Among 789 patients, 84.8% were White, 8.2% Black, and 7.0% others (P-value <0.0001). The cohort was 57.7% female and 42.3% males with a mean age of 63.3 years (SD 16). Black patients were younger on average (55 vs 64 years, P value <0.0001), had higher rates of dialysis dependence (21.5% vs 13.3%, OR 1.83 and p-value of 0.058) and hematuria (38.5% vs 28.1%, p-value 0.082) when compared to white patients. Abnormal serum creatinine was present in 63.1% of White and 53.8% of Black patients (p-value 0.155), while 20% in both groups had documented proteinuria on presentation.

Conclusion

This large, multi-site EHR cohort suggests early onset of disease and worse clinical outcomes in blacks compared to whites. These findings could be potentially from under recognition or delayed diagnosis of AAV in Black individuals.
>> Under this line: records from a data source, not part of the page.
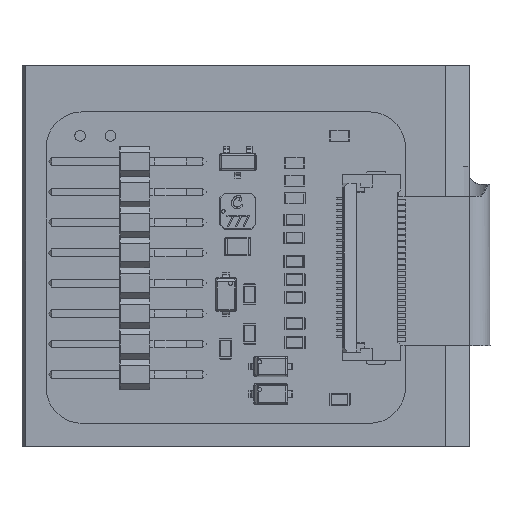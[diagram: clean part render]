
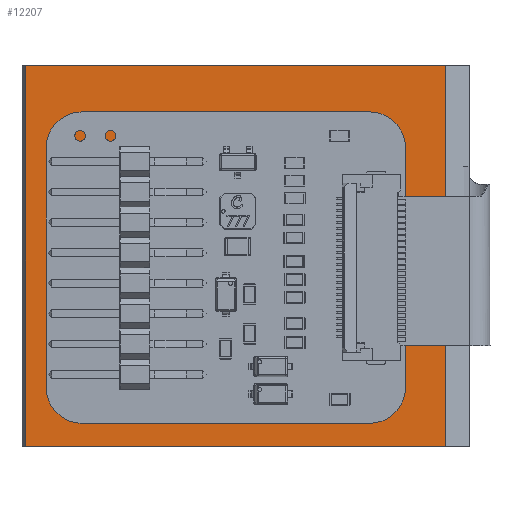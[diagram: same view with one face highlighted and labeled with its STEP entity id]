
A CAD part, top view. The second image highlights one B-rep face of the part: STEP entity #12207.
In plain terms, the highlighted planar face has unit normal (0, 0, 1) as drawn and (1, 0, 0) by its records, which use the part's own axes.
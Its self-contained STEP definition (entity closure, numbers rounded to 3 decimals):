
#3518 = CARTESIAN_POINT ( 'NONE',  ( 1.05, 0., 0. ) ) ;
#5042 = ORIENTED_EDGE ( 'NONE', *, *, #123987, .T. ) ;
#9847 = EDGE_CURVE ( 'NONE', #22243, #78709, #127317, .T. ) ;
#10122 = DIRECTION ( 'NONE',  ( 0., 1., 0. ) ) ;
#12207 = ADVANCED_FACE ( 'NONE', ( #14119 ), #100224, .T. ) ;
#13061 = LINE ( 'NONE', #131648, #108367 ) ;
#14119 = FACE_OUTER_BOUND ( 'NONE', #83842, .T. ) ;
#15407 = CARTESIAN_POINT ( 'NONE',  ( 1.05, -16.66, -15.9 ) ) ;
#20339 = DIRECTION ( 'NONE',  ( 0., -1., 0. ) ) ;
#20655 = AXIS2_PLACEMENT_3D ( 'NONE', #3518, #98827, #89587 ) ;
#22243 = VERTEX_POINT ( 'NONE', #15407 ) ;
#24367 = CARTESIAN_POINT ( 'NONE',  ( 1.05, -16.66, 15.9 ) ) ;
#28335 = EDGE_CURVE ( 'NONE', #78709, #76515, #13061, .T. ) ;
#39667 = LINE ( 'NONE', #94006, #122420 ) ;
#48861 = DIRECTION ( 'NONE',  ( 0., 0., -1. ) ) ;
#56817 = VECTOR ( 'NONE', #10122, 1000. ) ;
#64780 = CARTESIAN_POINT ( 'NONE',  ( 1.05, 18.36, 15.9 ) ) ;
#70002 = CARTESIAN_POINT ( 'NONE',  ( 1.05, 18.36, -15.9 ) ) ;
#71044 = CARTESIAN_POINT ( 'NONE',  ( 1.05, 18.36, -15.9 ) ) ;
#76515 = VERTEX_POINT ( 'NONE', #64780 ) ;
#78709 = VERTEX_POINT ( 'NONE', #70002 ) ;
#83842 = EDGE_LOOP ( 'NONE', ( #91211, #5042, #115765, #134189 ) ) ;
#89587 = DIRECTION ( 'NONE',  ( 0., 0., -1. ) ) ;
#91211 = ORIENTED_EDGE ( 'NONE', *, *, #111294, .T. ) ;
#94006 = CARTESIAN_POINT ( 'NONE',  ( 1.05, -16.66, 15.9 ) ) ;
#98827 = DIRECTION ( 'NONE',  ( 1., 0., 0. ) ) ;
#100224 = PLANE ( 'NONE',  #20655 ) ;
#108367 = VECTOR ( 'NONE', #123805, 1000. ) ;
#111294 = EDGE_CURVE ( 'NONE', #76515, #112709, #117022, .T. ) ;
#112709 = VERTEX_POINT ( 'NONE', #24367 ) ;
#115765 = ORIENTED_EDGE ( 'NONE', *, *, #9847, .T. ) ;
#117022 = LINE ( 'NONE', #117727, #138278 ) ;
#117727 = CARTESIAN_POINT ( 'NONE',  ( 1.05, 18.36, 15.9 ) ) ;
#122420 = VECTOR ( 'NONE', #48861, 1000. ) ;
#123805 = DIRECTION ( 'NONE',  ( 0., 0., 1. ) ) ;
#123987 = EDGE_CURVE ( 'NONE', #112709, #22243, #39667, .T. ) ;
#127317 = LINE ( 'NONE', #71044, #56817 ) ;
#131648 = CARTESIAN_POINT ( 'NONE',  ( 1.05, 18.36, 15.9 ) ) ;
#134189 = ORIENTED_EDGE ( 'NONE', *, *, #28335, .T. ) ;
#138278 = VECTOR ( 'NONE', #20339, 1000. ) ;

Improved diagnostic vigilance and more consistent use of serologic and histologic tools across populations may support earlier and more accurate identification of AAV. We plan to use our registry, Mid Atlantic Glomerulonephritis Network (MAGNET) to better understand gaps, disease patterns and outcomes of patients with AAV in our health system.